**About this task:** Skipping all pictures, set down the lines of the listing from the first through the one with "[diagram p1: Bottom".

- - -

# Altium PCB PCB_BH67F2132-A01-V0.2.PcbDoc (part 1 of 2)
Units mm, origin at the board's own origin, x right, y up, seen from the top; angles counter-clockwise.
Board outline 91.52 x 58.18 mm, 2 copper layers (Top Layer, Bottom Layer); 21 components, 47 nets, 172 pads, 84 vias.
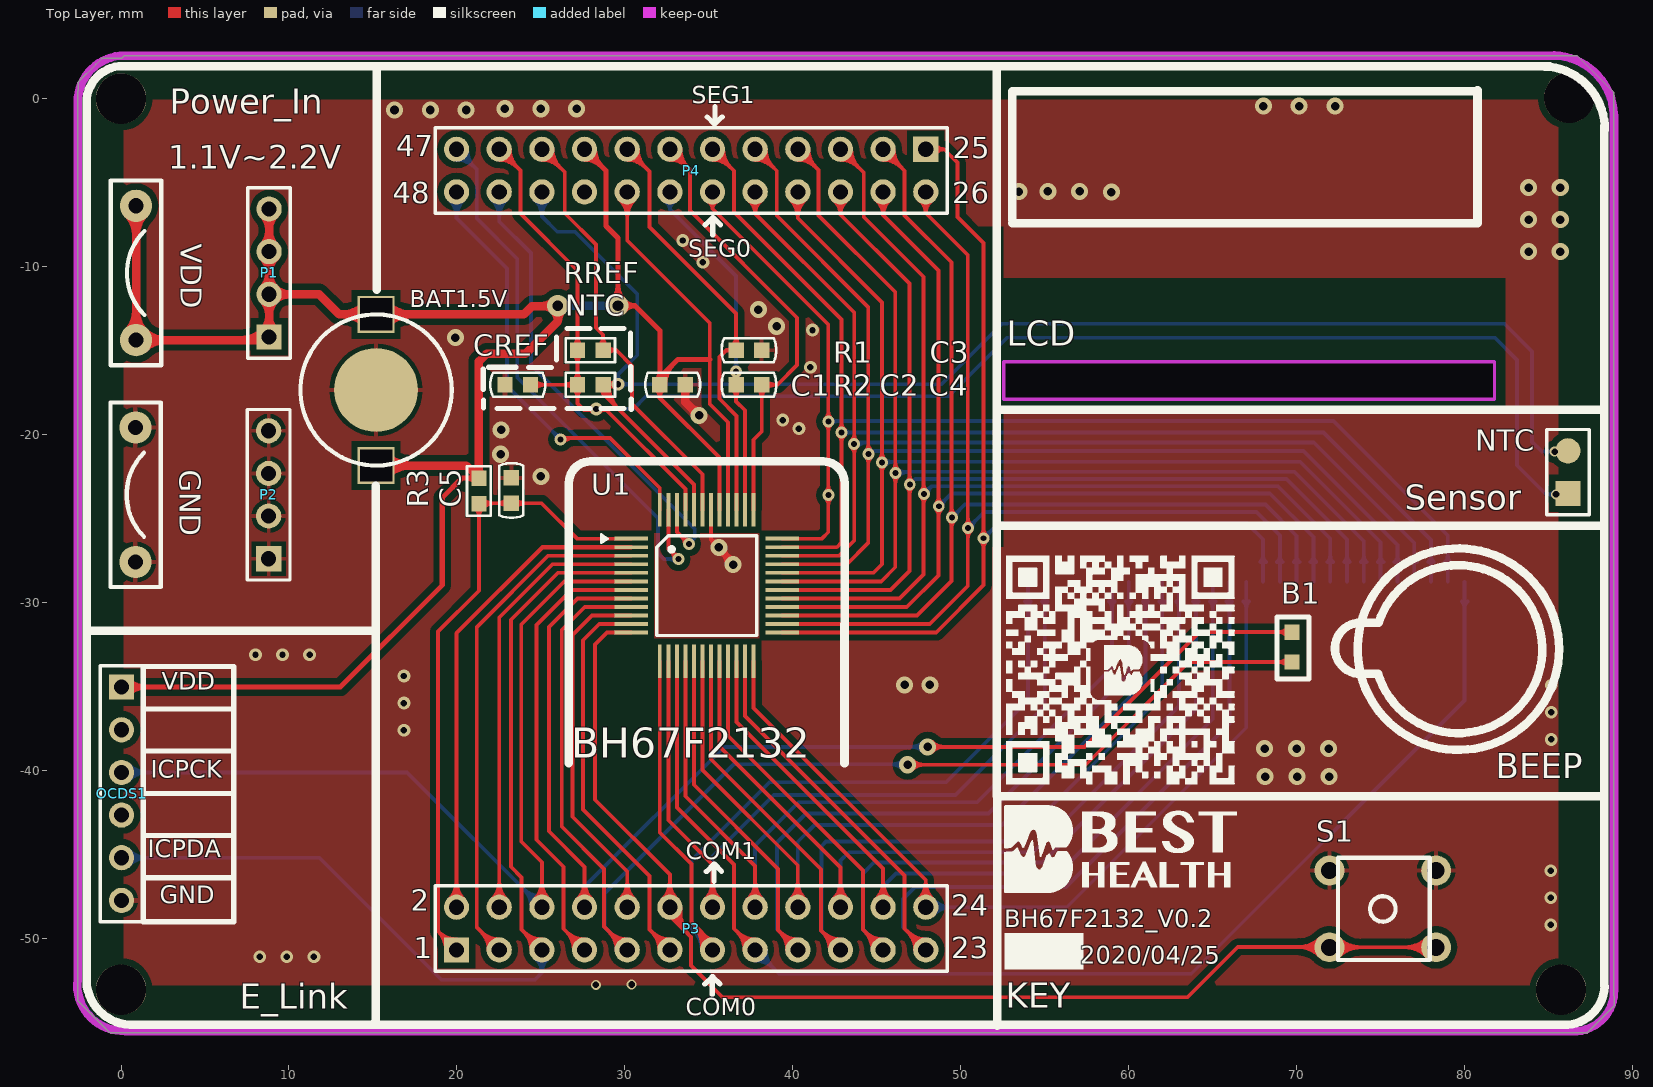
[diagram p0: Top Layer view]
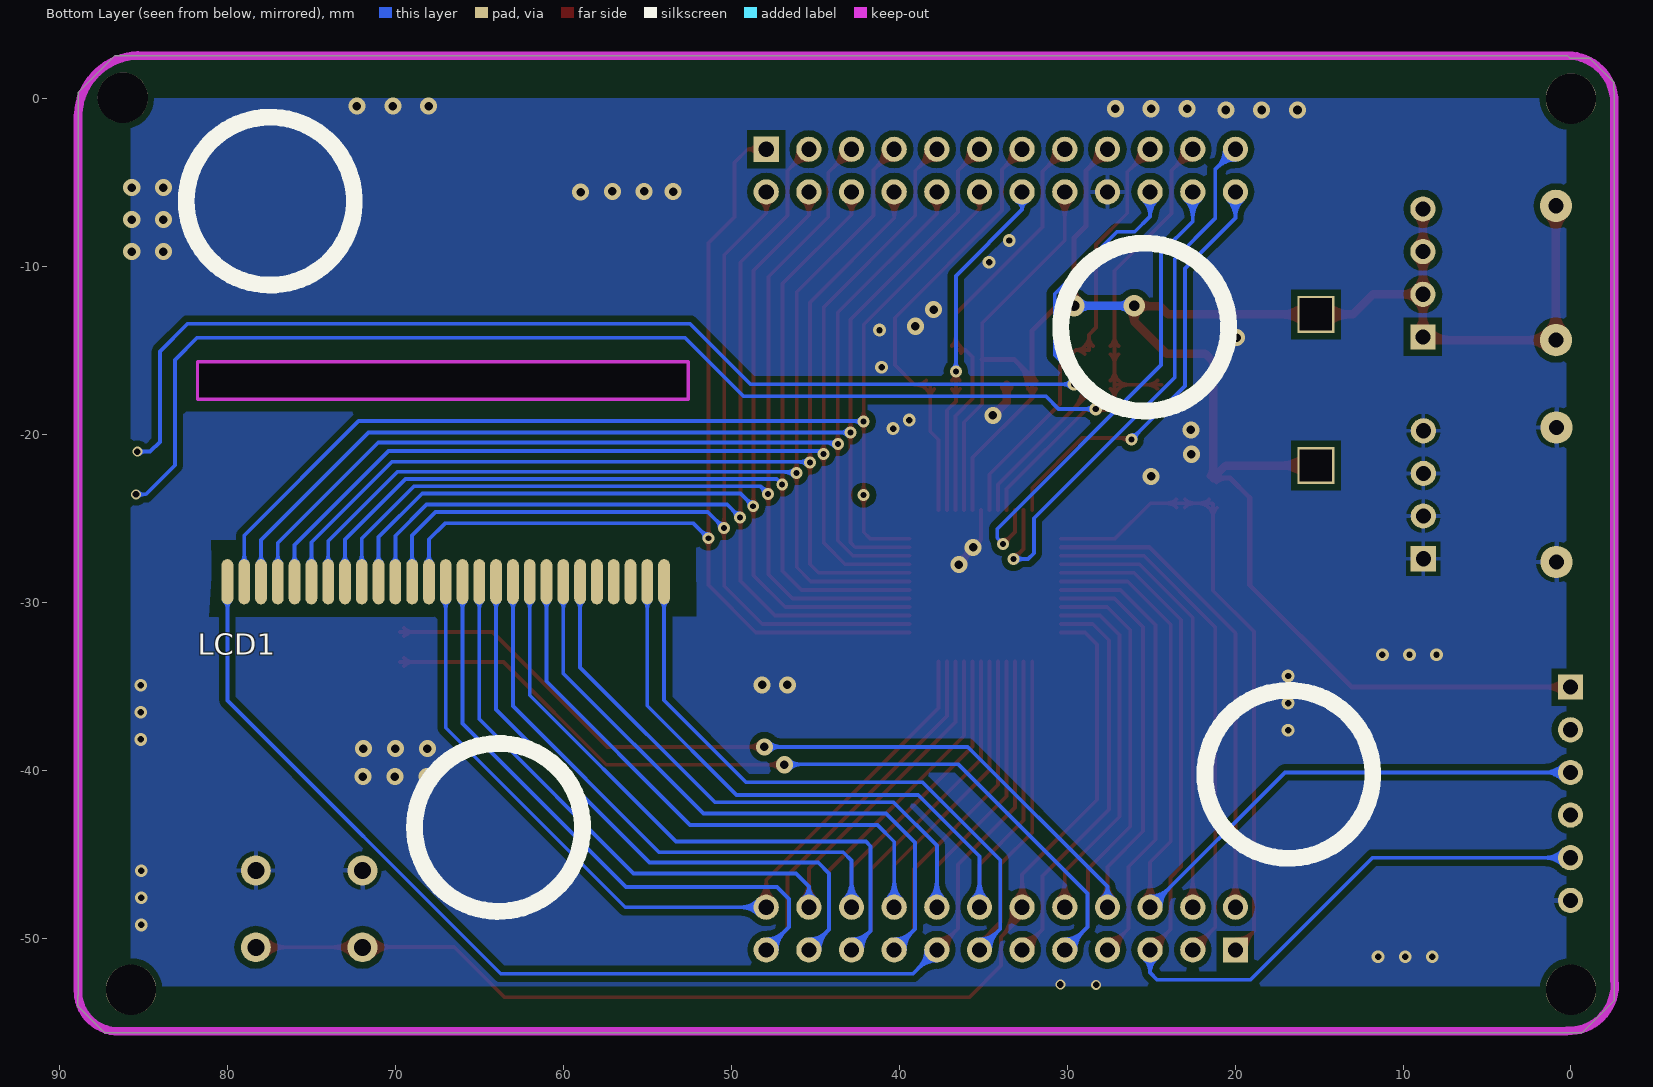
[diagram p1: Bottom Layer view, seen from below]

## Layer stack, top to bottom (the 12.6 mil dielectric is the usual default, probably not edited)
Top Layer: signal copper 0.0356
Dielectric: dielectric 0.32, FR-4, Dk 4.8
Bottom Layer: signal copper 0.0356

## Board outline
0.209,2.568 85.603,2.568 86.706,2.568 88.55,0.724 88.905,0.368 88.905,-0.978 88.905,-53.403 88.931,-53.429 88.931,-54.013 87.534,-55.41 87.33,-55.613 86.772,-55.613 -0.681,-55.613 -1.366,-54.927 -2.586,-53.708 -2.586,-52.794 -2.586,0.419 -2.535,0.47 -2.535,1.003 -1.493,2.045 -1.138,2.4 -0.706,2.4 0.042,2.4 0.209,2.568
cut-out: 52.583,-15.659 81.793,-15.659 81.793,-17.92 52.583,-17.92

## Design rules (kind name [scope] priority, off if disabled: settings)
Clearance Clearance_2 [InPolygon] p1: gap=0.381
Clearance [All] p2: gap=0.203
ComponentClearance [All] p1: gap=-1 collisioncheckmode=3 verticalgap=-1 showdistances=FALSE
HoleSize [All] p1: absolutevalues=TRUE maxlimit=25.4 minlimit=0.025 maxpercent=80.000 minpercent=20.000
HoleToHoleClearance [All] p1: gap=0 allowstackedmicrovias=TRUE
MinimumSolderMaskSliver [All] p1: minsoldermaskwidth=0
PolygonConnect PolygonConnect_1 [IsVIA and InNET('VSS')] p1: connectstyle=Direct reliefconductorwidth=0.254 reliefentries=4 polygonreliefangle="90 Angle"
PolygonConnect [All] p2: connectstyle=Relief reliefconductorwidth=0.254 reliefentries=4 polygonreliefangle="90 Angle"
RoutingVias [All] p1: holewidth=0.711 width=0.635 viastyle="Through Hole" minholewidth=0.025 minwidth=0.025 maxholewidth=2.54 maxwidth=2.54
SilkToSilkClearance [All] p1 off: silktosilkclearance=0
SilkscreenOverComponentPads [IsPad] p1: minsilkscreentomaskgap=-1
SolderMaskExpansion [All] p1: expansion=0.102
Width [All] p1: maxlimit=2.54 minlimit=0.025 preferedwidth=0.229
22 further rules are at their usual default settings.

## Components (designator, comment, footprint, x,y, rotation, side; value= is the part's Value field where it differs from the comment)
B1 "Beep" BEEP 79.634,-32.779 r180 top
BAT1.5V "BATTERY(1)" LR41H 15.189,-21.844 r90 top
C1 "2200pf" C0603 23.627,-17.031 r0 top
C2 "104" C0603 32.847,-17.031 r0 top
C3 "104" C0603 37.394,-14.973 r180 top
C4 "104" C0603 37.394,-17.031 r180 top
C5 "104" C0603 23.246,-23.33 r90 top
GND "CONNET*2" "CLIP POWER PIN - DUPLICATE" 0.869,-23.584 r90 top (schematic designator GND1)
LCD1 "LCD 27 Pin" "LCD 27 Pin" 67.007,-28.765 r180 bottom
NTC "NTC-Header" NTC 86.162,-23.508 r90 top (schematic designator NTC2)
OCDS1 "Header 4" HDR1X6 0.031,-35.039 r270 top
P1 "Header 4" HDR1X4 8.819,-14.186 r90 top
P2 "Header 4" HDR1X4 8.794,-27.394 r90 top
P3 "Header 12X2" HDR2X12 19.983,-50.686 r0 top locked
P4 "Header 12X2" HDR2X12 47.923,-3.01 r180 top locked
R1 "30k" R0603 27.945,-14.973 r180 top
R2 "MEB12-503F3950" R0603 27.945,-17.031 r180 top
R3 "100K" R0603 21.316,-23.355 r270 top
S1 "Switch" AN66 75.138,-48.247 r90 top
U1 "BH67F2132_48LQFP" LQFP_48 34.879,-28.994 r0 top
VDD "CONNET*2" "CLIP POWER PIN - DUPLICATE" 0.894,-10.376 r90 top (schematic designator VDD1)

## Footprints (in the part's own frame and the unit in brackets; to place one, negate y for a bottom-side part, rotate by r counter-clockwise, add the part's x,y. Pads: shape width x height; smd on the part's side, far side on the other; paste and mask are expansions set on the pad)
AN66 [mil] "DIP PUSH BOTTON (6MM*6MM)"
  round 70 hole 40: 1(-90,125) 1(-90,-125) 2(90,125) 2(90,-125)
  silkscreen extent -120,-110 120,105
BEEP [mil]
  rect 35.98x35.98 smd: 1(390,-40) 2(390,30)
  silkscreen extent -236,-236 425,236
C0603 [mil] "0603 CAPACITOR"
  rect 36x36 smd: 1(-30,0) 2(30,0)
  Top Layer pour cut-out: 10,15 10,-15 -10,-15 -10,15
  silkscreen extent -64,-28 64,28, body extent -51,-18 52,21, height 35
"CLIP POWER PIN - DUPLICATE" [mm] "USE PAPER CLIP AS POWER PIN(PITCH=8MM)"
  round 1.924 hole 0.9: 1(-4,0) 2(4,0)
  silkscreen extent -5.5,-1.5 5.5,1.5
HDR1X4 [mm] "Connector; Header; 4 Position"
  rect 1.5x1.5 hole 0.9: 1(0,0)
  round 1.5 hole 0.9: 2(2.54,0) 3(5.08,0) 4(7.62,0)
  silkscreen extent -1.27,-1.27 8.89,1.27
HDR1X6 [mm] "Connector; Header; 6 Position"
  rect 1.5x1.5 hole 0.9: 1(0,0)
  round 1.5 hole 0.9: 2(2.54,0) 3(5.08,0) 4(7.62,0) 5(10.16,0) 6(12.7,0)
  silkscreen extent -1.27,-1.27 13.97,1.27
HDR2X12 [mm] "Connector; Header; 12x2 Position"
  rect 1.5x1.5 hole 0.9: 1(0,0)
  round 1.5 hole 0.9: 2(0,2.54) 3(2.54,0) 4(2.54,2.54) 5(5.08,0) 6(5.08,2.54) 7(7.62,0) 8(7.62,2.54) 9(10.16,0) 10(10.16,2.54) 11(12.7,0) 12(12.7,2.54) 13(15.24,0) 14(15.24,2.54) 15(17.78,0) 16(17.78,2.54) 17(20.32,0) 18(20.32,2.54) 19(22.86,0) 20(22.86,2.54) 21(25.4,0) 22(25.4,2.54) 23(27.94,0) 24(27.94,2.54)
  silkscreen extent -1.27,-1.27 29.21,3.81
"LCD 27 Pin" [mm]
  oval 0.7x2.7 smd: 1(-13,0) 2(-12,0) 3(-11,0) 4(-10,0) 5(-9,0) 6(-8,0) 7(-7,0) 8(-6,0) 9(-5,0) 10(-4,0) 11(-3,0) 12(-2,0) 13(-1,0) 14(0,0) 15(1,0) 16(2,0) 17(3,0) 18(4,0) 19(5,0) 20(6,0) 21(7,0) 22(8,0) 23(9,0) 24(10,0) 25(11,0) 26(12,0) 27(13,0)
LQFP_48 [mm]
  rect 2x0.23 smd: 1(-4.505,2.794) 2(-4.505,2.286) 3(-4.505,1.778) 4(-4.505,1.27) 5(-4.505,0.762) 6(-4.505,0.254) 7(-4.505,-0.254) 8(-4.505,-0.762) 9(-4.505,-1.27) 10(-4.505,-1.778) 11(-4.505,-2.286) 12(-4.505,-2.794) 25(4.505,-2.794) 26(4.505,-2.286) 27(4.505,-1.778) 28(4.505,-1.27) 29(4.505,-0.762) 30(4.505,-0.254) 31(4.505,0.254) 32(4.505,0.762) 33(4.505,1.27) 34(4.505,1.778) 35(4.505,2.286) 36(4.505,2.794)
  rect 0.23x2 smd: 13(-2.794,-4.505) 14(-2.286,-4.505) 15(-1.778,-4.505) 16(-1.27,-4.505) 17(-0.762,-4.505) 18(-0.254,-4.505) 19(0.254,-4.505) 20(0.762,-4.505) 21(1.27,-4.505) 22(1.778,-4.505) 23(2.286,-4.505) 24(2.794,-4.505) 37(2.794,4.505) 38(2.286,4.505) 39(1.778,4.505) 40(1.27,4.505) 41(0.762,4.505) 42(0.254,4.505) 43(-0.254,4.505) 44(-0.762,4.505) 45(-1.27,4.505) 46(-1.778,4.505) 47(-2.286,4.505) 48(-2.794,4.505)
  silkscreen extent -6.28,-2.97 2.97,3.05
LR41H [mm]
  rect 2.2x2.2 hole 1.9 square: 1(0,0) 1(9,0)
  round 5 smd: 2(4.5,0)
  silkscreen extent 0,-4.5 9,4.5
NTC [mm] "Connector; Header; 2 Position"
  rect 1.5x1.5 smd: 1(0,0)
  round 1.5 smd: 2(2.54,0)
  silkscreen extent -1.27,-1.27 3.81,1.27
R0603 [mil] "0603 RESISTOR"
  rect 36x36 smd: 1(-30,0) 2(30,0)
  Top Layer pour cut-out: 10,15 10,-15 -10,-15 -10,15
  silkscreen extent -58,-28 58,28, body extent -31,-16 32,16, height 18

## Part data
BAT1.5V: "Singlecell Battery"
C1 C2 C3 C4 C5: library part CAP(1)
GND VDD: "2CONNET*2.54"
NTC: library part "Header 2", "Header, 2-Pin"
OCDS1: library part "Header 6", "Header, 6-Pin"
P1 P2: "Header, 4-Pin"
P3 P4: "Header, 12-Pin, Dual row"
R1 R3: library part RES(1)
R2: library part RES(1), "LINGEE NTC"
S1: library part Switch_4P

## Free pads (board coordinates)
  round 3 hole 3: 1(0,-53.061) 1(0,0) 1(85.75,-53.061) 1(86.238,0.064)

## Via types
v1: diameter 1.016, hole 0.508, Top Layer to Bottom Layer, tented both sides, 38 vias
v2: diameter 0.762, hole 0.381, Top Layer to Bottom Layer, tented both sides, 23 vias
v3: diameter 0.711, hole 0.356, Top Layer to Bottom Layer, tented both sides, 17 vias
v4: diameter 0.6, hole 0.4, Top Layer to Bottom Layer, tented both sides, 4 vias
v5: diameter 1.27, hole 0.635, Top Layer to Bottom Layer, tented both sides, 2 vias

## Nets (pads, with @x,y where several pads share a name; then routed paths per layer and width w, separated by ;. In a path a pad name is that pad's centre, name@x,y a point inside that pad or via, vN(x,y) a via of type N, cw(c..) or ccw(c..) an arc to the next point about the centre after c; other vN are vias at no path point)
C1: C4.2 P4.14 U1.38 | length 27.1
  Top Layer w0.229: C4.2@36.39,-17.273 cw(c35.804,-17.858) 36.632,-17.858 cw(c37.46,-17.858) C4.2@36.874,-17.273 ; C4.2@36.398,-16.78 ccw(c35.899,-16.243) v3(36.632,-16.243) ; v3@36.461,-16.414 cw(c36.049,-16.826) 36.632,-16.826 cw(c37.215,-16.826) v3@36.803,-16.414 ; v3@36.477,-16.428 cw(c36.363,-16.564) 36.534,-16.609 cw(c36.705,-16.655) v3@36.674,-16.481 ; v3@36.59,-16.481 cw(c36.559,-16.655) 36.73,-16.609 cw(c36.901,-16.564) v3@36.787,-16.428 ; C4.2@36.866,-16.78 cw(c37.365,-16.243) v3(36.632,-16.243) ; U1.38@37.165,-24.489 37.165,-18.555 36.632,-18.021 C4.2@36.632,-17.031 v3(36.632,-16.243)
  Bottom Layer w0.229: P4.14@32.386,-6.112 cw(c32.126,-6.605) 32.683,-6.605 ; P4.14@32.683,-5.55 32.683,-6.605 ; P4.14@32.98,-6.112 ccw(c33.24,-6.605) 32.683,-6.605 ; v3@36.461,-16.073 ccw(c36.049,-15.661) 36.632,-15.661 ccw(c37.215,-15.661) v3@36.803,-16.073 ; v3(36.632,-16.243) 36.632,-10.554 32.683,-6.605
C2: C4.1 P4.13 U1.37 | length 32.8
  Top Layer w0.229: P4.13@32.683,-3.645 cw(c32.683,-5.18) 33.768,-4.095 cw(c34.853,-3.01) P4.13@33.319,-3.01 ; P4.13@32.683,-3.417 cw(c32.683,-4.4) 33.378,-3.705 cw(c34.073,-3.01) P4.13@33.09,-3.01 ; P4.13@32.683,-3.01 33.889,-4.216 33.889,-6.667 40.265,-13.043 40.265,-15.862 39.096,-17.031 C4.1@38.156,-17.031 38.156,-19.825 37.673,-20.307 U1.37@37.673,-24.489 ; C4.1@37.914,-17.273 cw(c37.328,-17.858) 38.156,-17.858 cw(c38.984,-17.858) 38.398,-17.273 cw(c38.984,-17.858) 38.984,-17.031 cw(c38.984,-16.203) C4.1@38.398,-16.788
COM0: LCD1.27 P3.13 U1.13 | length 64.9
  Top Layer w0.229: U1.13@32.085,-33.499 32.085,-43.701 33.965,-45.58 33.965,-49.035 ; 34.329,-49.399 cw(c33.147,-50.581) P3.13@34.817,-50.665 ; P3.13@34.588,-50.654 ccw(c32.454,-50.546) 33.965,-49.035 ; 34.693,-49.763 cw(c33.84,-50.616) P3.13@35.045,-50.677 ; 34.809,-49.878 ccw(c35.223,-49.464) P3.13@35.223,-50.05 ; P3.13@35.223,-50.686 35.223,-50.293 33.965,-49.035
  Bottom Layer w0.229: P3.13@34.587,-50.686 ccw(c33.053,-50.686) 34.138,-49.6 ccw(c35.223,-48.515) P3.13@35.223,-50.05 ; P3.13@34.816,-50.686 ccw(c33.833,-50.686) 34.528,-49.991 ccw(c35.223,-49.296) P3.13@35.223,-50.279 ; P3.13@35.223,-50.686 33.99,-49.453 33.99,-45.326 38.613,-40.703 49.129,-40.703 54.007,-35.825 LCD1.27@54.007,-28.765 ; LCD1.27@53.841,-29.932 cw(c53.438,-30.334) 54.007,-30.334 cw(c54.576,-30.334) LCD1.27@54.174,-29.932
COM1: LCD1.26 P3.14 U1.14 | length 58.5
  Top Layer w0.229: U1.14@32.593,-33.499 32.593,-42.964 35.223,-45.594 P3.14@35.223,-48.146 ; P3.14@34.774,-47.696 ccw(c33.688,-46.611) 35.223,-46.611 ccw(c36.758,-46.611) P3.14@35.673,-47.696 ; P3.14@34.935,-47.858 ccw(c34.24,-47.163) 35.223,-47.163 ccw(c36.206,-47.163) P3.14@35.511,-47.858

- - -

**Solution to the exercise:**
# Altium PCB PCB_BH67F2132-A01-V0.2.PcbDoc (part 1 of 2)
Units mm, origin at the board's own origin, x right, y up, seen from the top; angles counter-clockwise.
Board outline 91.52 x 58.18 mm, 2 copper layers (Top Layer, Bottom Layer); 21 components, 47 nets, 172 pads, 84 vias.
[diagram p0: Top Layer view]
[diagram p1: Bottom Layer view, seen from below]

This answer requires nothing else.